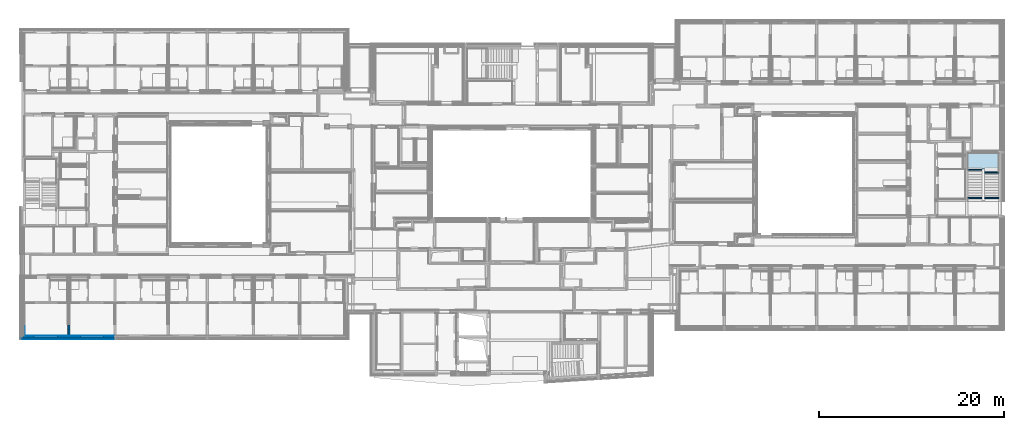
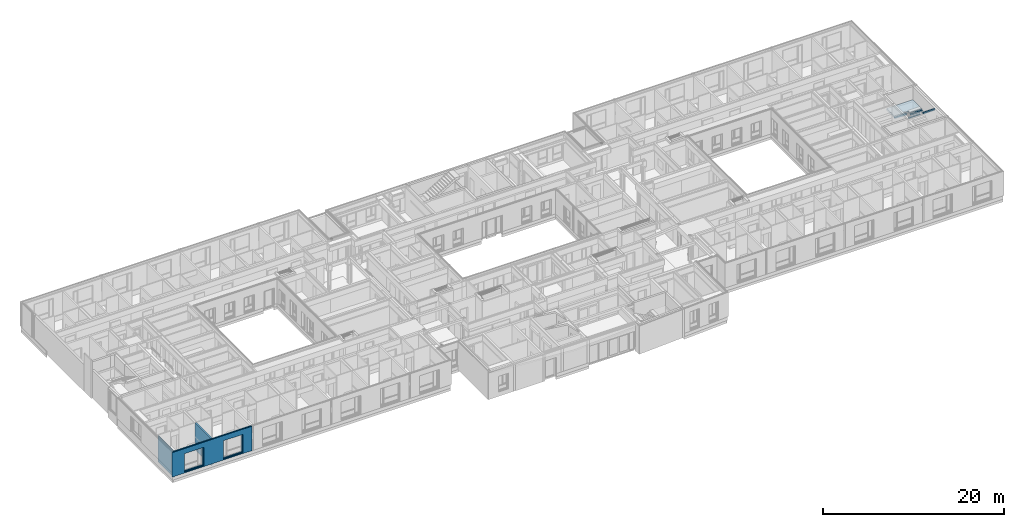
# One storey, part 8 of 207: 9 walls, 5 slabs, 14 openings.
"""IFC4 building model written with IfcOpenShell, lengths in metres."""

from ifc_helpers import new_model, entity, si_unit, converted_unit, derived_unit, frame, frame_2d, origin, origin_with_axes, place, context, subcontext, project, spatial, polyline, rectangle, outline, extrude, material, element, save


model = new_model("IFC4")

# Units and contexts
model_context = context("Model", 3, precision=1e-05, world=origin())
body_context = subcontext(model_context, "Body", "Model", "MODEL_VIEW")
ifc_project = project(units=[si_unit("LENGTHUNIT", "METRE"), si_unit("AREAUNIT", "SQUARE_METRE"), si_unit("VOLUMEUNIT", "CUBIC_METRE"), si_unit("MASSUNIT", "GRAM", prefix="KILO"), converted_unit("PLANEANGLEUNIT", "DEGREE", entity("IfcPlaneAngleMeasure", 0.0174532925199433), si_unit("PLANEANGLEUNIT", "RADIAN"), dimensions=[0, 0, 0, 0, 0, 0, 0]), derived_unit("THERMALTRANSMITTANCEUNIT", [(si_unit("POWERUNIT", "WATT"), 1), (si_unit("THERMODYNAMICTEMPERATUREUNIT", "KELVIN"), -1), (si_unit("LENGTHUNIT", "METRE"), -2)]), derived_unit("VOLUMETRICFLOWRATEUNIT", [(si_unit("LENGTHUNIT", "METRE"), 3), (converted_unit("TIMEUNIT", "hour", entity("IfcTimeMeasure", 3600.0), si_unit("TIMEUNIT", "SECOND"), dimensions=[0, 0, 1, 0, 0, 0, 0]), -1), (si_unit("LENGTHUNIT", "METRE"), -1)])], contexts=[model_context])

# Site, building, storey
site_placement = place(None, origin())
site = spatial("IfcSite", under=ifc_project, at=site_placement, Name="Psychiatrie Neubau Wunstorf", CompositionType="ELEMENT")
building_placement = place(site_placement, origin())
building = spatial("IfcBuilding", under=site, at=building_placement, Name="Neubau H2 Stationsgebäude", CompositionType="ELEMENT")
storey_placement = place(building_placement, frame((0.0, 0.0, -0.2)))
storey = spatial("IfcBuildingStorey", under=building, at=storey_placement, Name="H2 Ebene 0", CompositionType="ELEMENT", Elevation=-0.2)

# Slabs
ifc_material_1 = material(Name="STB")
slab_1_placement = place(storey_placement, frame((102.37, 12.6667214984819, 3.6)))
element("IfcSlab", 1, at=slab_1_placement, inside=storey, material=ifc_material_1, PredefinedType="FLOOR", context=body_context, shape_type="SweptSolid", body=[
    extrude(rectangle(XDim=0.15, YDim=1.5, at=frame_2d((0.75, -0.075), x_axis=(0.0, -1.0))), frame((0.0, 0.15, 0.0), z_axis=(0.0, 0.0, 1.0), x_axis=(1.0, 0.0, 0.0)), (0.0, 0.0, 1.0), 0.16),
])
ifc_material_2 = material(Name="Stb")
slab_2_placement = place(storey_placement, frame((102.369990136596, 15.7239938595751, 1.7655)))
element("IfcSlab", 2, at=slab_2_placement, inside=storey, material=ifc_material_2, PredefinedType="FLOOR", context=body_context, shape_type="SweptSolid", body=[
    extrude(outline(polyline([(0.0, 0.0), (1.50000986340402, 0.0), (1.50001972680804, 0.151000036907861), (9.86340401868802e-06, 0.151000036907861), (0.0, 0.0)])), origin_with_axes(), (0.0, 0.0, 1.0), 0.14),
])
ifc_material_3 = material(Name="STB")
slab_3_placement = place(storey_placement, frame((104.22, 12.666606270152, 3.6)))
element("IfcSlab", 3, at=slab_3_placement, inside=storey, material=ifc_material_3, PredefinedType="FLOOR", context=body_context, shape_type="SweptSolid", body=[
    extrude(outline(polyline([(0.0, 0.15), (0.0, 0.0), (1.49999999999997, 0.000115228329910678), (1.49999999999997, 0.150115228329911), (0.0, 0.15)])), origin_with_axes(), (0.0, 0.0, 1.0), 0.16),
])
ifc_material_4 = material(Name="Stb")
slab_4_placement = place(storey_placement, frame((104.219950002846, 15.4156547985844, 1.7655)))
element("IfcSlab", 4, at=slab_4_placement, inside=storey, material=ifc_material_4, PredefinedType="FLOOR", context=body_context, shape_type="SweptSolid", body=[
    extrude(outline(polyline([(4.99971541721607e-05, 0.0), (1.50004013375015, 0.0010000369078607), (1.50004999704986, 0.151075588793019), (0.0, 0.151059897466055), (4.99971541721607e-05, 0.0)])), origin_with_axes(), (0.0, 0.0, 1.0), 0.14),
])
ifc_material_5 = material(Name="Stb")
slab_5_placement = place(storey_placement, frame((102.37, 15.5667146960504, 1.7655)))
element("IfcSlab", 5, at=slab_5_placement, inside=storey, material=ifc_material_5, PredefinedType="FLOOR", context=body_context, shape_type="SweptSolid", body=[
    extrude(outline(polyline([(3.34999999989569, 1.56913269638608e-05), (3.35, 2.00828529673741), (0.167776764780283, 2.00828530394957), (0.0, 2.00828530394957), (0.0, 0.308279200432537), (1.50000986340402, 0.308279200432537), (1.85, 0.308285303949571), (1.84995000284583, 0.0), (3.34999999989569, 1.56913269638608e-05)])), origin_with_axes(), (0.0, 0.0, 1.0), 0.25),
])

# Wall, openings
ifc_material_6 = material(Name="WA-LB")
wall_1_placement = place(storey_placement, frame((9.9, -2.16399999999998, 0.5), z_axis=(0.0, 0.0, 1.0), x_axis=(-1.0, 1.40209871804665e-16, 0.0)))
wall_1 = element("IfcWall", 6, at=wall_1_placement, inside=storey, material=ifc_material_6, context=body_context, shape_type="SweptSolid", body=[
    extrude(outline(polyline([(-9.77137313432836, -0.0360000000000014), (-0.0413731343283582, -0.0360000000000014), (0.0, 0.0), (-9.77137313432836, 0.0), (-9.77137313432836, -0.0360000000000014)])), frame((9.77137313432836, 0.0360000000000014, 0.0), z_axis=(0.0, 0.0, 1.0), x_axis=(1.0, 0.0, 0.0)), (0.0, 0.0, 1.0), 3.1),
])
opening_1_placement = place(wall_1_placement, frame((6.15, 0.0, 0.1), z_axis=(0.0, 1.0, 0.0), x_axis=(0.0, 0.0, 1.0)))
element("IfcOpeningElement", 7, at=opening_1_placement, cuts=wall_1, Name="Fensteröffnung", ObjectType="Opening", context=body_context, shape_type="SweptSolid", body=[
    extrude(outline(polyline([(2.5, 2.5), (2.5, 0.0), (0.0, 0.0), (0.0, 2.5), (2.5, 2.5)])), origin_with_axes(), (0.0, 0.0, 1.0), 0.036),
])
opening_2_placement = place(wall_1_placement, frame((1.15, 0.0, 0.1), z_axis=(0.0, 1.0, 0.0), x_axis=(0.0, 0.0, 1.0)))
element("IfcOpeningElement", 8, at=opening_2_placement, cuts=wall_1, Name="Fensteröffnung", ObjectType="Opening", context=body_context, shape_type="SweptSolid", body=[
    extrude(outline(polyline([(2.5, 2.5), (2.5, 0.0), (0.0, 0.0), (0.0, 2.5), (2.5, 2.5)])), origin_with_axes(), (0.0, 0.0, 1.0), 0.036),
])

ifc_material_7 = material(Name="WA-HD")
wall_2_placement = place(storey_placement, frame((9.9, -2.19999999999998, 0.5), z_axis=(0.0, 0.0, 1.0), x_axis=(-1.0, 1.3961620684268e-16, 0.0)))
wall_2 = element("IfcWall", 9, at=wall_2_placement, inside=storey, material=ifc_material_7, context=body_context, shape_type="SweptSolid", body=[
    extrude(outline(polyline([(-9.95525373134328, -0.160000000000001), (-0.183880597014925, -0.160000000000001), (0.0, 0.0), (-9.95525373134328, 0.0), (-9.95525373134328, -0.160000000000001)])), frame((9.95525373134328, 0.160000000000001, 0.0), z_axis=(0.0, 0.0, 1.0), x_axis=(1.0, 0.0, 0.0)), (0.0, 0.0, 1.0), 3.1),
])
opening_3_placement = place(wall_2_placement, frame((6.15, 0.0, 0.1), z_axis=(0.0, 1.0, 0.0), x_axis=(0.0, 0.0, 1.0)))
element("IfcOpeningElement", 10, at=opening_3_placement, cuts=wall_2, Name="Fensteröffnung", ObjectType="Opening", context=body_context, shape_type="SweptSolid", body=[
    extrude(outline(polyline([(2.5, 2.5), (2.5, 0.0), (0.0, 0.0), (0.0, 2.5), (2.5, 2.5)])), origin_with_axes(), (0.0, 0.0, 1.0), 0.16),
])
opening_4_placement = place(wall_2_placement, frame((1.15, 0.0, 0.1), z_axis=(0.0, 1.0, 0.0), x_axis=(0.0, 0.0, 1.0)))
element("IfcOpeningElement", 11, at=opening_4_placement, cuts=wall_2, Name="Fensteröffnung", ObjectType="Opening", context=body_context, shape_type="SweptSolid", body=[
    extrude(outline(polyline([(2.5, 2.5), (2.5, 0.0), (0.0, 0.0), (0.0, 2.5), (2.5, 2.5)])), origin_with_axes(), (0.0, 0.0, 1.0), 0.16),
])

ifc_material_8 = material(Name="WA-DL")
wall_3_placement = place(storey_placement, frame((9.9, -2.35999999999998, 0.5), z_axis=(0.0, 0.0, 1.0), x_axis=(-1.0, 1.37037396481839e-16, 0.0)))
wall_3 = element("IfcWall", 12, at=wall_3_placement, inside=storey, material=ifc_material_8, context=body_context, shape_type="SweptSolid", body=[
    extrude(outline(polyline([(-10.0471940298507, -0.0800000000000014), (-0.0919402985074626, -0.0800000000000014), (0.0, 0.0), (-10.0471940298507, 0.0), (-10.0471940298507, -0.0800000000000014)])), frame((10.0471940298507, 0.0800000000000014, 0.0), z_axis=(0.0, 0.0, 1.0), x_axis=(1.0, 0.0, 0.0)), (0.0, 0.0, 1.0), 3.3),
])
opening_5_placement = place(wall_3_placement, frame((6.15, 0.0, 0.1), z_axis=(0.0, 1.0, 0.0), x_axis=(0.0, 0.0, 1.0)))
element("IfcOpeningElement", 13, at=opening_5_placement, cuts=wall_3, Name="Fensteröffnung", ObjectType="Opening", context=body_context, shape_type="SweptSolid", body=[
    extrude(outline(polyline([(2.5, 2.5), (2.5, 0.0), (0.0, 0.0), (0.0, 2.5), (2.5, 2.5)])), origin_with_axes(), (0.0, 0.0, 1.0), 0.08),
])
opening_6_placement = place(wall_3_placement, frame((1.15, 0.0, 0.1), z_axis=(0.0, 1.0, 0.0), x_axis=(0.0, 0.0, 1.0)))
element("IfcOpeningElement", 14, at=opening_6_placement, cuts=wall_3, Name="Fensteröffnung", ObjectType="Opening", context=body_context, shape_type="SweptSolid", body=[
    extrude(outline(polyline([(2.5, 2.5), (2.5, 0.0), (0.0, 0.0), (0.0, 2.5), (2.5, 2.5)])), origin_with_axes(), (0.0, 0.0, 1.0), 0.08),
])

ifc_material_9 = material(Name="WA-TP")
wall_4_placement = place(storey_placement, frame((9.9, -2.43999999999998, 0.5), z_axis=(0.0, 0.0, 1.0), x_axis=(-1.0, 1.35783388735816e-16, 0.0)))
wall_4 = element("IfcWall", 15, at=wall_4_placement, inside=storey, material=ifc_material_9, context=body_context, shape_type="SweptSolid", body=[
    extrude(outline(polyline([(-10.0885671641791, -0.0360000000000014), (-0.0413731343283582, -0.0360000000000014), (0.0, 0.0), (-10.0885671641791, 0.0), (-10.0885671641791, -0.0360000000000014)])), frame((10.0885671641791, 0.0360000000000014, 0.0), z_axis=(0.0, 0.0, 1.0), x_axis=(1.0, 0.0, 0.0)), (0.0, 0.0, 1.0), 3.3),
])
opening_7_placement = place(wall_4_placement, frame((6.15, 0.0, 0.1), z_axis=(0.0, 1.0, 0.0), x_axis=(0.0, 0.0, 1.0)))
element("IfcOpeningElement", 16, at=opening_7_placement, cuts=wall_4, Name="Fensteröffnung", ObjectType="Opening", context=body_context, shape_type="SweptSolid", body=[
    extrude(outline(polyline([(2.5, 2.5), (2.5, 0.0), (0.0, 0.0), (0.0, 2.5), (2.5, 2.5)])), origin_with_axes(), (0.0, 0.0, 1.0), 0.036),
])
opening_8_placement = place(wall_4_placement, frame((1.15, 0.0, 0.1), z_axis=(0.0, 1.0, 0.0), x_axis=(0.0, 0.0, 1.0)))
element("IfcOpeningElement", 17, at=opening_8_placement, cuts=wall_4, Name="Fensteröffnung", ObjectType="Opening", context=body_context, shape_type="SweptSolid", body=[
    extrude(outline(polyline([(2.5, 2.5), (2.5, 0.0), (0.0, 0.0), (0.0, 2.5), (2.5, 2.5)])), origin_with_axes(), (0.0, 0.0, 1.0), 0.036),
])

ifc_material_10 = material(Name="WA-KL")
wall_5_placement = place(storey_placement, frame((9.9, -2.47599999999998, 0.5), z_axis=(0.0, 0.0, 1.0), x_axis=(-1.0, 1.35226542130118e-16, 0.0)))
wall_5 = element("IfcWall", 18, at=wall_5_placement, inside=storey, material=ifc_material_10, context=body_context, shape_type="SweptSolid", body=[
    extrude(outline(polyline([(-10.1161492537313, -0.0240000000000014), (-0.0275820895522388, -0.0240000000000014), (0.0, 0.0), (-10.1161492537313, 0.0), (-10.1161492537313, -0.0240000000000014)])), frame((10.1161492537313, 0.0240000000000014, 0.0), z_axis=(0.0, 0.0, 1.0), x_axis=(1.0, 0.0, 0.0)), (0.0, 0.0, 1.0), 3.3),
])
opening_9_placement = place(wall_5_placement, frame((6.15, 0.0, 0.1), z_axis=(0.0, 1.0, 0.0), x_axis=(0.0, 0.0, 1.0)))
element("IfcOpeningElement", 19, at=opening_9_placement, cuts=wall_5, Name="Fensteröffnung", ObjectType="Opening", context=body_context, shape_type="SweptSolid", body=[
    extrude(outline(polyline([(2.5, 2.5), (2.5, 0.0), (0.0, 0.0), (0.0, 2.5), (2.5, 2.5)])), origin_with_axes(), (0.0, 0.0, 1.0), 0.024),
])
opening_10_placement = place(wall_5_placement, frame((1.15, 0.0, 0.1), z_axis=(0.0, 1.0, 0.0), x_axis=(0.0, 0.0, 1.0)))
element("IfcOpeningElement", 20, at=opening_10_placement, cuts=wall_5, Name="Fensteröffnung", ObjectType="Opening", context=body_context, shape_type="SweptSolid", body=[
    extrude(outline(polyline([(2.5, 2.5), (2.5, 0.0), (0.0, 0.0), (0.0, 2.5), (2.5, 2.5)])), origin_with_axes(), (0.0, 0.0, 1.0), 0.024),
])

ifc_material_11 = material(Name="WA-TL")
wall_6_placement = place(storey_placement, frame((9.9, -2.49999999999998, 0.5), z_axis=(0.0, 0.0, 1.0), x_axis=(-1.0, 1.34857841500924e-16, 0.0)))
wall_6 = element("IfcWall", 21, at=wall_6_placement, inside=storey, material=ifc_material_11, context=body_context, shape_type="SweptSolid", body=[
    extrude(outline(polyline([(-10.1437313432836, -0.0240000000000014), (-0.0275820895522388, -0.0240000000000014), (0.0, 0.0), (-10.1437313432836, 0.0), (-10.1437313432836, -0.0240000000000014)])), frame((10.1437313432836, 0.0240000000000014, 0.0), z_axis=(0.0, 0.0, 1.0), x_axis=(1.0, 0.0, 0.0)), (0.0, 0.0, 1.0), 3.3),
])
opening_11_placement = place(wall_6_placement, frame((6.15, 0.0, 0.1), z_axis=(0.0, 1.0, 0.0), x_axis=(0.0, 0.0, 1.0)))
element("IfcOpeningElement", 22, at=opening_11_placement, cuts=wall_6, Name="Fensteröffnung", ObjectType="Opening", context=body_context, shape_type="SweptSolid", body=[
    extrude(outline(polyline([(2.5, 2.5), (2.5, 0.0), (0.0, 0.0), (0.0, 2.5), (2.5, 2.5)])), origin_with_axes(), (0.0, 0.0, 1.0), 0.024),
])
opening_12_placement = place(wall_6_placement, frame((1.15, 0.0, 0.1), z_axis=(0.0, 1.0, 0.0), x_axis=(0.0, 0.0, 1.0)))
element("IfcOpeningElement", 23, at=opening_12_placement, cuts=wall_6, Name="Fensteröffnung", ObjectType="Opening", context=body_context, shape_type="SweptSolid", body=[
    extrude(outline(polyline([(2.5, 2.5), (2.5, 0.0), (0.0, 0.0), (0.0, 2.5), (2.5, 2.5)])), origin_with_axes(), (0.0, 0.0, 1.0), 0.024),
])

ifc_material_12 = material(Name="WA-HS")
wall_7_placement = place(storey_placement, frame((9.9, -2.52399999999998, 0.5), z_axis=(0.0, 0.0, 1.0), x_axis=(-1.0, 1.34491145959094e-16, 0.0)))
wall_7 = element("IfcWall", 24, at=wall_7_placement, inside=storey, material=ifc_material_12, context=body_context, shape_type="SweptSolid", body=[
    extrude(outline(polyline([(-10.192, -0.0420000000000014), (-0.0482686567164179, -0.0420000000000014), (0.0, 0.0), (-10.192, 0.0), (-10.192, -0.0420000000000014)])), frame((10.192, 0.0420000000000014, 0.0), z_axis=(0.0, 0.0, 1.0), x_axis=(1.0, 0.0, 0.0)), (0.0, 0.0, 1.0), 3.3),
])
opening_13_placement = place(wall_7_placement, frame((6.15, 0.0, 0.1), z_axis=(0.0, 1.0, 0.0), x_axis=(0.0, 0.0, 1.0)))
element("IfcOpeningElement", 25, at=opening_13_placement, cuts=wall_7, Name="Fensteröffnung", ObjectType="Opening", context=body_context, shape_type="SweptSolid", body=[
    extrude(outline(polyline([(2.5, 2.5), (2.5, 0.0), (0.0, 0.0), (0.0, 2.5), (2.5, 2.5)])), origin_with_axes(), (0.0, 0.0, 1.0), 0.042),
])
opening_14_placement = place(wall_7_placement, frame((1.15, 0.0, 0.1), z_axis=(0.0, 1.0, 0.0), x_axis=(0.0, 0.0, 1.0)))
element("IfcOpeningElement", 26, at=opening_14_placement, cuts=wall_7, Name="Fensteröffnung", ObjectType="Opening", context=body_context, shape_type="SweptSolid", body=[
    extrude(outline(polyline([(2.5, 2.5), (2.5, 0.0), (0.0, 0.0), (0.0, 2.5), (2.5, 2.5)])), origin_with_axes(), (0.0, 0.0, 1.0), 0.042),
])

# Walls
ifc_material_13 = material(Name="WI-LB")
wall_8_placement = place(storey_placement, frame((4.9, 1.35874963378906, 0.0), z_axis=(0.0, 0.0, 1.0), x_axis=(0.0, -1.0, 0.0)))
element("IfcWall", 27, at=wall_8_placement, inside=storey, material=ifc_material_13, context=body_context, shape_type="SweptSolid", body=[
    extrude(rectangle(XDim=3.52274963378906, YDim=0.2, at=frame_2d((1.76137481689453, 0.1), x_axis=(1.0, 0.0))), origin_with_axes(), (0.0, 0.0, 1.0), 3.6),
])
ifc_material_14 = material(Name="WI-LB")
wall_9_placement = place(storey_placement, frame((0.169, 1.35874963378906, 0.0), z_axis=(0.0, 0.0, 1.0), x_axis=(0.0, -1.0, 0.0)))
element("IfcWall", 28, at=wall_9_placement, inside=storey, material=ifc_material_14, context=body_context, shape_type="SweptSolid", body=[
    extrude(rectangle(XDim=3.52274963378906, YDim=0.075, at=frame_2d((1.76137481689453, 0.0375), x_axis=(1.0, 0.0))), origin_with_axes(), (0.0, 0.0, 1.0), 3.55),
])

save(model, "model.ifc")

+-------+

## Exercise goal
Give every line of the material that includes the string "Neubau".

## Result
site = spatial("IfcSite", under=ifc_project, at=site_placement, Name="Psychiatrie Neubau Wunstorf", CompositionType="ELEMENT")
building = spatial("IfcBuilding", under=site, at=building_placement, Name="Neubau H2 Stationsgebäude", CompositionType="ELEMENT")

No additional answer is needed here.